Pick an energy unit that you are familiar with. What is it exactly? A convenient information name/unit that markers a phenomenon. Multiply it times pi. Give the new number a name. Throw away the old name/unit and use this one instead. Then take a step back and ask yourself, "which is the 'real' unit energy and which the 'information' components that 'model' the energy?'

You pick a point of view, a frame of reference, and you design a model to correspond with/to all the rest that you know about. If 'energy' and 'information' are somehow interchangable, then its real real important to look into the nature of our Information Universe.
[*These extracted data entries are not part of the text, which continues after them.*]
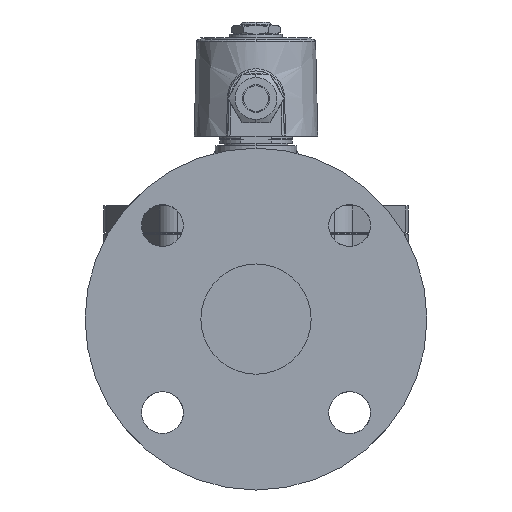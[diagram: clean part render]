
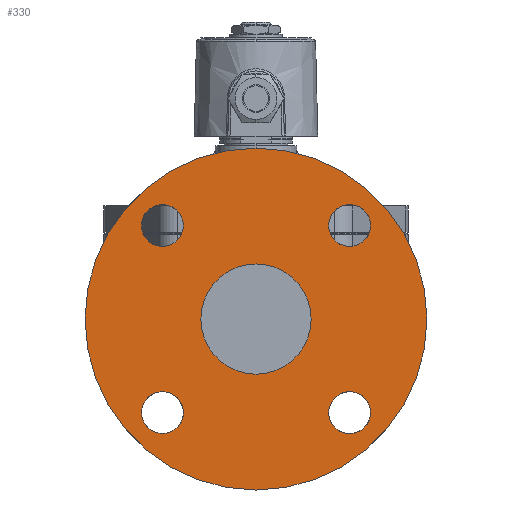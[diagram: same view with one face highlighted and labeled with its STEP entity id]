
A CAD part, left-side view. The second image highlights one B-rep face of the part: STEP entity #330.
In plain terms, the highlighted planar face has unit normal (-1, 0, 0).
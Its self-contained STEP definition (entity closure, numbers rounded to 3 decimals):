
#330=ADVANCED_FACE('',(#2033,#2034,#2035,#2036,#2037,#2038),#2032,.F.);
#2032=PLANE('',#5845);
#2033=FACE_OUTER_BOUND('',#5846,.T.);
#2034=FACE_BOUND('',#5847,.T.);
#2035=FACE_BOUND('',#5848,.T.);
#2036=FACE_BOUND('',#5849,.T.);
#2037=FACE_BOUND('',#5850,.T.);
#2038=FACE_BOUND('',#5851,.T.);
#5842=CARTESIAN_POINT('',(-97.5,-144.234,87.5));
#5843=DIRECTION('',(1.,0.,0.));
#5844=DIRECTION('',(0.,0.,-1.));
#5845=AXIS2_PLACEMENT_3D('',#5842,#5843,#5844);
#5846=EDGE_LOOP('',(#8651,#8652));
#5847=EDGE_LOOP('',(#8653,#8654));
#5848=EDGE_LOOP('',(#8655,#8656));
#5849=EDGE_LOOP('',(#8657,#8658));
#5850=EDGE_LOOP('',(#8659,#8660));
#5851=EDGE_LOOP('',(#8661,#8662));
#8651=ORIENTED_EDGE('',*,*,#10269,.T.);
#8652=ORIENTED_EDGE('',*,*,#10270,.T.);
#8653=ORIENTED_EDGE('',*,*,#10271,.F.);
#8654=ORIENTED_EDGE('',*,*,#10272,.F.);
#8655=ORIENTED_EDGE('',*,*,#10273,.F.);
#8656=ORIENTED_EDGE('',*,*,#10274,.F.);
#8657=ORIENTED_EDGE('',*,*,#10275,.F.);
#8658=ORIENTED_EDGE('',*,*,#10276,.F.);
#8659=ORIENTED_EDGE('',*,*,#10277,.F.);
#8660=ORIENTED_EDGE('',*,*,#10278,.F.);
#8661=ORIENTED_EDGE('',*,*,#10279,.F.);
#8662=ORIENTED_EDGE('',*,*,#10280,.F.);
#10269=EDGE_CURVE('',#13040,#13041,#13042,.T.);
#10270=EDGE_CURVE('',#13041,#13040,#13048,.T.);
#10271=EDGE_CURVE('',#13054,#13055,#13056,.T.);
#10272=EDGE_CURVE('',#13055,#13054,#13062,.T.);
#10273=EDGE_CURVE('',#13068,#13069,#13070,.T.);
#10274=EDGE_CURVE('',#13069,#13068,#13076,.T.);
#10275=EDGE_CURVE('',#13082,#13083,#13084,.T.);
#10276=EDGE_CURVE('',#13083,#13082,#13090,.T.);
#10277=EDGE_CURVE('',#13096,#13097,#13098,.T.);
#10278=EDGE_CURVE('',#13097,#13096,#13104,.T.);
#10279=EDGE_CURVE('',#13110,#13111,#13112,.T.);
#10280=EDGE_CURVE('',#13111,#13110,#13118,.T.);
#13040=VERTEX_POINT('',#18854);
#13041=VERTEX_POINT('',#18855);
#13042=CIRCLE('',#18859,77.5);
#13048=CIRCLE('',#18863,77.5);
#13054=VERTEX_POINT('',#18864);
#13055=VERTEX_POINT('',#18865);
#13056=(BOUNDED_CURVE() B_SPLINE_CURVE(2,(#18866,#18867,#18868,#18869,#18870),.UNSPECIFIED.,.F.,.F.) B_SPLINE_CURVE_WITH_KNOTS((3,2,3),(0.,0.5,1.),.UNSPECIFIED.) CURVE() GEOMETRIC_REPRESENTATION_ITEM() RATIONAL_B_SPLINE_CURVE((1.,0.707,1.,0.707,1.)) REPRESENTATION_ITEM('') );
#13062=(BOUNDED_CURVE() B_SPLINE_CURVE(2,(#18871,#18872,#18873,#18874,#18875),.UNSPECIFIED.,.F.,.F.) B_SPLINE_CURVE_WITH_KNOTS((3,2,3),(0.,0.5,1.),.UNSPECIFIED.) CURVE() GEOMETRIC_REPRESENTATION_ITEM() RATIONAL_B_SPLINE_CURVE((1.,0.707,1.,0.707,1.)) REPRESENTATION_ITEM('') );
#13068=VERTEX_POINT('',#18876);
#13069=VERTEX_POINT('',#18877);
#13070=CIRCLE('',#18881,9.5);
#13076=CIRCLE('',#18885,9.5);
#13082=VERTEX_POINT('',#18886);
#13083=VERTEX_POINT('',#18887);
#13084=(BOUNDED_CURVE() B_SPLINE_CURVE(2,(#18888,#18889,#18890,#18891,#18892),.UNSPECIFIED.,.F.,.F.) B_SPLINE_CURVE_WITH_KNOTS((3,2,3),(0.,0.5,1.),.UNSPECIFIED.) CURVE() GEOMETRIC_REPRESENTATION_ITEM() RATIONAL_B_SPLINE_CURVE((1.,0.707,1.,0.707,1.)) REPRESENTATION_ITEM('') );
#13090=(BOUNDED_CURVE() B_SPLINE_CURVE(2,(#18893,#18894,#18895,#18896,#18897),.UNSPECIFIED.,.F.,.F.) B_SPLINE_CURVE_WITH_KNOTS((3,2,3),(0.,0.5,1.),.UNSPECIFIED.) CURVE() GEOMETRIC_REPRESENTATION_ITEM() RATIONAL_B_SPLINE_CURVE((1.,0.707,1.,0.707,1.)) REPRESENTATION_ITEM('') );
#13096=VERTEX_POINT('',#18898);
#13097=VERTEX_POINT('',#18899);
#13098=CIRCLE('',#18903,25.);
#13104=CIRCLE('',#18907,25.);
#13110=VERTEX_POINT('',#18908);
#13111=VERTEX_POINT('',#18909);
#13112=(BOUNDED_CURVE() B_SPLINE_CURVE(2,(#18910,#18911,#18912,#18913,#18914),.UNSPECIFIED.,.F.,.F.) B_SPLINE_CURVE_WITH_KNOTS((3,2,3),(0.,0.5,1.),.UNSPECIFIED.) CURVE() GEOMETRIC_REPRESENTATION_ITEM() RATIONAL_B_SPLINE_CURVE((1.,0.707,1.,0.707,1.)) REPRESENTATION_ITEM('') );
#13118=(BOUNDED_CURVE() B_SPLINE_CURVE(2,(#18915,#18916,#18917,#18918,#18919),.UNSPECIFIED.,.F.,.F.) B_SPLINE_CURVE_WITH_KNOTS((3,2,3),(0.,0.5,1.),.UNSPECIFIED.) CURVE() GEOMETRIC_REPRESENTATION_ITEM() RATIONAL_B_SPLINE_CURVE((1.,0.707,1.,0.707,1.)) REPRESENTATION_ITEM('') );
#18854=CARTESIAN_POINT('',(-97.5,0.,77.5));
#18855=CARTESIAN_POINT('',(-97.5,0.,-77.5));
#18856=CARTESIAN_POINT('',(-97.5,0.,0.));
#18857=DIRECTION('',(-1.,0.,0.));
#18858=DIRECTION('',(0.,0.,1.));
#18859=AXIS2_PLACEMENT_3D('',#18856,#18857,#18858);
#18860=CARTESIAN_POINT('',(-97.5,0.,0.));
#18861=DIRECTION('',(-1.,0.,0.));
#18862=DIRECTION('',(0.,0.,1.));
#18863=AXIS2_PLACEMENT_3D('',#18860,#18861,#18862);
#18864=CARTESIAN_POINT('',(-97.5,42.421,51.926));
#18865=CARTESIAN_POINT('',(-97.5,42.432,32.926));
#18866=CARTESIAN_POINT('',(-97.5,42.421,51.926));
#18867=CARTESIAN_POINT('',(-97.5,51.924,51.932));
#18868=CARTESIAN_POINT('',(-97.5,51.926,42.429));
#18869=CARTESIAN_POINT('',(-97.5,51.929,32.926));
#18870=CARTESIAN_POINT('',(-97.5,42.432,32.926));
#18871=CARTESIAN_POINT('',(-97.5,42.432,32.926));
#18872=CARTESIAN_POINT('',(-97.5,32.929,32.926));
#18873=CARTESIAN_POINT('',(-97.5,32.926,42.424));
#18874=CARTESIAN_POINT('',(-97.5,32.924,51.921));
#18875=CARTESIAN_POINT('',(-97.5,42.421,51.926));
#18876=CARTESIAN_POINT('',(-97.5,42.423,-32.926));
#18877=CARTESIAN_POINT('',(-97.5,42.426,-51.926));
#18878=CARTESIAN_POINT('',(-97.5,42.426,-42.426));
#18879=DIRECTION('',(-1.,0.,0.));
#18880=DIRECTION('',(0.,0.,-1.));
#18881=AXIS2_PLACEMENT_3D('',#18878,#18879,#18880);
#18882=CARTESIAN_POINT('',(-97.5,42.426,-42.426));
#18883=DIRECTION('',(-1.,0.,0.));
#18884=DIRECTION('',(0.,0.,-1.));
#18885=AXIS2_PLACEMENT_3D('',#18882,#18883,#18884);
#18886=CARTESIAN_POINT('',(-97.5,-42.432,-32.926));
#18887=CARTESIAN_POINT('',(-97.5,-42.421,-51.926));
#18888=CARTESIAN_POINT('',(-97.5,-42.432,-32.926));
#18889=CARTESIAN_POINT('',(-97.5,-32.929,-32.921));
#18890=CARTESIAN_POINT('',(-97.5,-32.926,-42.424));
#18891=CARTESIAN_POINT('',(-97.5,-32.924,-51.926));
#18892=CARTESIAN_POINT('',(-97.5,-42.421,-51.926));
#18893=CARTESIAN_POINT('',(-97.5,-42.421,-51.926));
#18894=CARTESIAN_POINT('',(-97.5,-51.924,-51.926));
#18895=CARTESIAN_POINT('',(-97.5,-51.926,-42.429));
#18896=CARTESIAN_POINT('',(-97.5,-51.929,-32.932));
#18897=CARTESIAN_POINT('',(-97.5,-42.432,-32.926));
#18898=CARTESIAN_POINT('',(-97.5,0.,-25.));
#18899=CARTESIAN_POINT('',(-97.5,0.,25.));
#18900=CARTESIAN_POINT('',(-97.5,0.,0.));
#18901=DIRECTION('',(-1.,0.,0.));
#18902=DIRECTION('',(0.,0.,1.));
#18903=AXIS2_PLACEMENT_3D('',#18900,#18901,#18902);
#18904=CARTESIAN_POINT('',(-97.5,0.,0.));
#18905=DIRECTION('',(-1.,0.,0.));
#18906=DIRECTION('',(0.,0.,1.));
#18907=AXIS2_PLACEMENT_3D('',#18904,#18905,#18906);
#18908=CARTESIAN_POINT('',(-97.5,-42.432,51.926));
#18909=CARTESIAN_POINT('',(-97.5,-42.421,32.926));
#18910=CARTESIAN_POINT('',(-97.5,-42.432,51.926));
#18911=CARTESIAN_POINT('',(-97.5,-32.929,51.932));
#18912=CARTESIAN_POINT('',(-97.5,-32.926,42.429));
#18913=CARTESIAN_POINT('',(-97.5,-32.924,32.926));
#18914=CARTESIAN_POINT('',(-97.5,-42.421,32.926));
#18915=CARTESIAN_POINT('',(-97.5,-42.421,32.926));
#18916=CARTESIAN_POINT('',(-97.5,-51.924,32.926));
#18917=CARTESIAN_POINT('',(-97.5,-51.926,42.424));
#18918=CARTESIAN_POINT('',(-97.5,-51.929,51.921));
#18919=CARTESIAN_POINT('',(-97.5,-42.432,51.926));
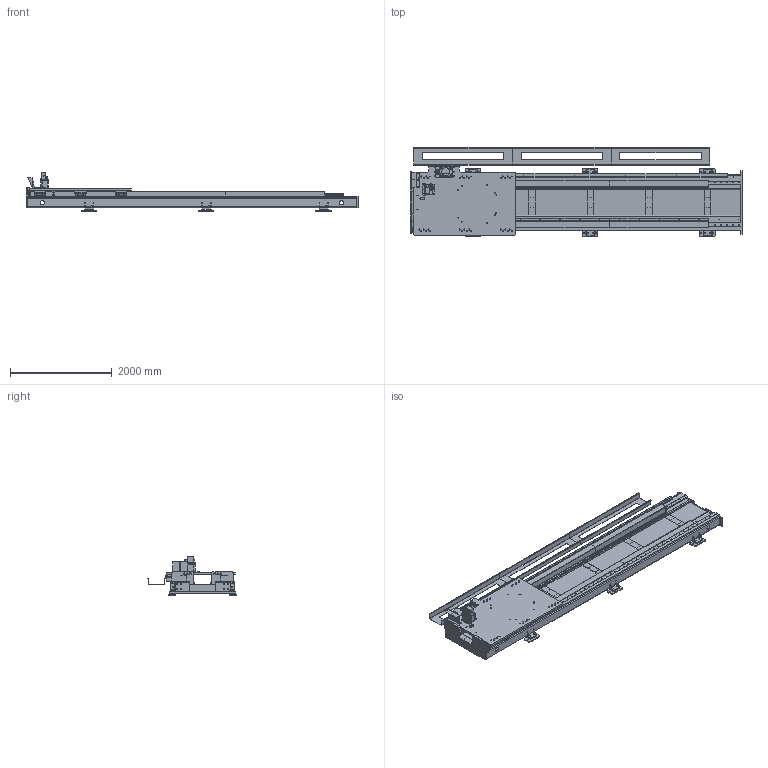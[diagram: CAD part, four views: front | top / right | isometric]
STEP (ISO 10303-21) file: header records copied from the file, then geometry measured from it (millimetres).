
FILE_DESCRIPTION (( 'STEP AP203' ), '1' );
FILE_NAME ('梓袧4000kg迍蟈俋离唳.STEP', '2021-10-27T02:24:30', ( '' ), ( '' ), 'SwSTEP 2.0', 'SolidWorks 2018', '' );
FILE_SCHEMA (( 'CONFIG_CONTROL_DESIGN' ));
Products named in the file (42): 峚雄羲壽假蚾啣; 華寢蟀諉啣; 13.5Ã×YAE-A1-03L263; 重载减速机安装板1; 寥錨硌尨啣-1; 13.5米润滑; 润滑齿轮配件; 19.5譙菁窒遺殤6500-1; circlips for shaft--type a large gb_GB_CONNECTING_PIECE_RING_RRA 12; hex thin nuts-grades ab-chamfered gb_GB_FASTENER_NUT_STNAB M10-N; 1譙喘沭滅誘鍼踢; 13.5米润滑齿轮轴; 13.5譙65-45樓Ч踐; 13.5譙笢潔撻倛奪; 錨璃1; 笭婥華寢覃誹啣; 19.5譙迍蟈羞; 13.5譙華寢華褐; 19.5譙萇儂假蚾啣; 匐粣迍蟈蟀諉啣; 19.5米ST02机器人载板; 13.5譙俴最羲壽; 19.5譙寢耋爾諉遺殤; 13.5譙煦蚐ん; 梓袧4000kg迍蟈俋离唳; 13.5譙華褐啣; 13.5譙滅袉菜; 13.5譙M20蹟裝; 19.5譙樓詢U倰輸; 1950絳寢誘欶; 13.5譙華褐菜啣; SHS55LC賑輸; 重载地轨齿轮防护板; 19.5譙絳寢假蚾啣-1; 19.5米导轨齿条安装板-1; 重载地轨限位挡板; 13.5米润滑轮M4  T17; 諦誧枑鼎喘沭; 13.5米润滑安装座; 13.5譙MA16014215304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
Assembly tree (88 placements, depth 4):
  梓袧4000kg迍蟈俋离唳
    19.5米ST02机器人载板
    19.5譙樓詢U倰輸  x6
    重载地轨限位挡板
    13.5譙熬厒儂假蚾啣
      19.5譙萇儂假蚾啣
      重载减速机安装板1
      13.5米润滑
        circlips for shaft--type a large gb_GB_CONNECTING_PIECE_RING_RRA 12
        13.5米润滑齿轮轴
        13.5米润滑轮M4  T17
        hex thin nuts-grades ab-chamfered gb_GB_FASTENER_NUT_STNAB M10-N
        13.5米润滑安装座
      润滑齿轮配件
    13.5Ã×YAE-A1-03L263
    13.5譙MA16014215304
    13.5譙滅袉菜  x2
    13.5譙煦蚐ん
    笭婥華寢覃誹啣
    重载地轨齿轮防护板
    19.5譙菁窒遺殤6500-1
      19.5譙寢耋爾諉遺殤
        19.5米6.5米地轨框架_默认<按加工>
        19.5譙絳寢假蚾啣-1
        華寢蟀諉啣
        19.5米导轨齿条安装板-1
      13.5譙笢潔撻倛奪  x6
      13.5譙華寢華褐  x3
      13.5譙65-45樓Ч踐  x12
    峚雄羲壽假蚾啣
    13.5譙俴最羲壽
    19.5譙迍蟈羞  x3
    1譙喘沭滅誘鍼踢  x6
    1950絳寢誘欶  x6
    匐粣迍蟈蟀諉啣
    SHS55LC賑輸  x6
    諦誧枑鼎喘沭
    13.5譙華褐啣  x6
      13.5譙華褐菜啣
      13.5譙M20蹟裝
    寥錨硌尨啣-1  x2
    錨璃1
Bounding box: 6520 x 1763 x 751.5 mm (x, y, z)
Volume: 377420777.6 mm3; surface area: 65656644.7 mm2
Topology: 92 solids, 92 shells, 5293 faces, 14173 edges, 9096 vertices
Faces by surface type: cylinder 2723, plane 2146, cone 348, bspline 61, torus 11, sphere 4
Entity records: 311194 total; most frequent: CARTESIAN_POINT 224823, ORIENTED_EDGE 17386, DIRECTION 16337, EDGE_CURVE 8693, AXIS2_PLACEMENT_3D 5923, VERTEX_POINT 5695, LINE 4491, VECTOR 4491
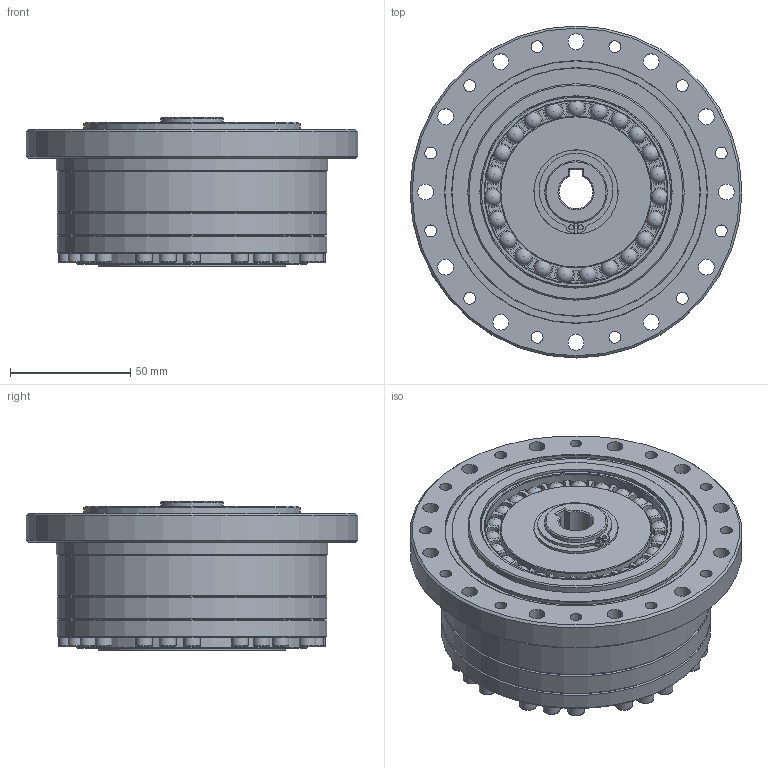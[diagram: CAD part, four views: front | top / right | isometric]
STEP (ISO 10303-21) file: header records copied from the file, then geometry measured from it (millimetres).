
FILE_DESCRIPTION(/* description */ (''),/* implementation_level */ '2;1');
FILE_NAME(/* name */ 'S:\TB00F\研發課二組\機密級\1.\X2\8A2D8A08\X0\\01-DT\DT圖面-y\2.組合圖\\X2\6A21578B\X0\\WUT-S-XX-PO\WUT-S-32-PO模型\AK0002N1-修改.stp',/* time_stamp */ '2018-12-07T10:08:59+08:00',/* author */ ('yin210'),/* organization */ (''),/* preprocessor_version */ 'ST-DEVELOPER v15.2',/* originating_system */ 'Autodesk Inventor 2014',/* authorisation */ '');
FILE_SCHEMA (('AUTOMOTIVE_DESIGN { 1 0 10303 214 3 1 1 }'));
Length unit declared in the file: centimetre
Products named in the file (1): AK0002N1-修改
Bounding box: 138 x 138 x 62 mm (x, y, z)
Volume: 568527 mm3; surface area: 77757.1 mm2
Topology: 1 solids, 1 shells, 628 faces, 1558 edges, 972 vertices
Faces by surface type: plane 268, cylinder 192, torus 73, cone 72, sphere 23
Full cylindrical faces by diameter (mm): 2 x2, 4 x4, 4.917 x12, 6.6 x12, 6.647 x8, 7 x24, 8.376 x8, 20 x1, 24.9 x1, 26 x2, 27 x1, 35 x1, 53.5 x1, 63.04 x1, 68.6 x1, 74 x1, 75.82 x1, 78 x1, 79.75 x1, 90 x1, 96 x1, 103.4 x1, 109 x1, 112 x3, 113 x1, 138 x1
Entity records: 17001 total; most frequent: CARTESIAN_POINT 3005, DIRECTION 2998, ORIENTED_EDGE 2542, AXIS2_PLACEMENT_3D 1292, EDGE_CURVE 1225, EDGE_LOOP 930, VERTEX_POINT 851, CIRCLE 663
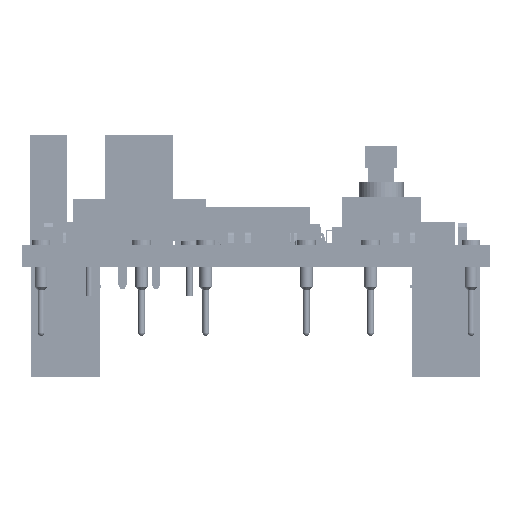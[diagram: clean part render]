
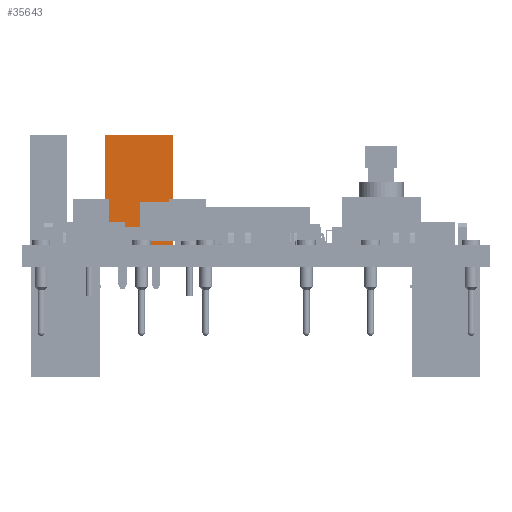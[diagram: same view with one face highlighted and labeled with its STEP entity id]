
A CAD part, front view. The second image highlights one B-rep face of the part: STEP entity #35643.
In plain terms, the highlighted planar face has unit normal (0, -1, 0).
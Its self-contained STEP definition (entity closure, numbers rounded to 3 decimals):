
#35618 = VERTEX_POINT('',#35619);
#35619 = CARTESIAN_POINT('',(2.579,-1.299,8.38));
#35625 = EDGE_CURVE('',#35626,#35618,#35628,.T.);
#35626 = VERTEX_POINT('',#35627);
#35627 = CARTESIAN_POINT('',(2.579,-1.299,0.));
#35628 = LINE('',#35629,#35630);
#35629 = CARTESIAN_POINT('',(2.579,-1.299,0.));
#35630 = VECTOR('',#35631,1.);
#35631 = DIRECTION('',(0.,0.,1.));
#35643 = ADVANCED_FACE('',(#35644),#35669,.T.);
#35644 = FACE_BOUND('',#35645,.T.);
#35645 = EDGE_LOOP('',(#35646,#35647,#35655,#35663));
#35646 = ORIENTED_EDGE('',*,*,#35625,.T.);
#35647 = ORIENTED_EDGE('',*,*,#35648,.T.);
#35648 = EDGE_CURVE('',#35618,#35649,#35651,.T.);
#35649 = VERTEX_POINT('',#35650);
#35650 = CARTESIAN_POINT('',(-2.579,-1.299,8.38));
#35651 = LINE('',#35652,#35653);
#35652 = CARTESIAN_POINT('',(2.579,-1.299,8.38));
#35653 = VECTOR('',#35654,1.);
#35654 = DIRECTION('',(-1.,0.,0.));
#35655 = ORIENTED_EDGE('',*,*,#35656,.F.);
#35656 = EDGE_CURVE('',#35657,#35649,#35659,.T.);
#35657 = VERTEX_POINT('',#35658);
#35658 = CARTESIAN_POINT('',(-2.579,-1.299,0.));
#35659 = LINE('',#35660,#35661);
#35660 = CARTESIAN_POINT('',(-2.579,-1.299,0.));
#35661 = VECTOR('',#35662,1.);
#35662 = DIRECTION('',(0.,0.,1.));
#35663 = ORIENTED_EDGE('',*,*,#35664,.F.);
#35664 = EDGE_CURVE('',#35626,#35657,#35665,.T.);
#35665 = LINE('',#35666,#35667);
#35666 = CARTESIAN_POINT('',(2.579,-1.299,0.));
#35667 = VECTOR('',#35668,1.);
#35668 = DIRECTION('',(-1.,0.,0.));
#35669 = PLANE('',#35670);
#35670 = AXIS2_PLACEMENT_3D('',#35671,#35672,#35673);
#35671 = CARTESIAN_POINT('',(2.579,-1.299,0.));
#35672 = DIRECTION('',(0.,-1.,0.));
#35673 = DIRECTION('',(-1.,0.,0.));

Energy supplies 'information'. Space provides 'information'. Time provides 'information'.   Sequence provides 'information'. Relationship provides 'information'. And so on.

If we confuse dynamic principles and laws of nature with models of performance per se, then we will always suffer repurcussions of error and inaccuracy. To say the only statistical models should mimic an economy, to say that only fractal infromationand models are sufficient to mimic economic behaviors, to say that only fuzzy logic will accurately mimic systems behaviors, and so on, is to set ourselves up for ignominious failures time after time.

There are 'performance principles' that underscore systemic behaviors ... and they go far beyond a few choice locally usable and 'sufficient' formulae. Because the rest of the universe is functionally open and interactive. Not restricted or closed in any way. "Boundaries" are only local and conditional limiters of interaction. Not permanent nor impervious firmaments, the way modern science tends to miss-think of them as.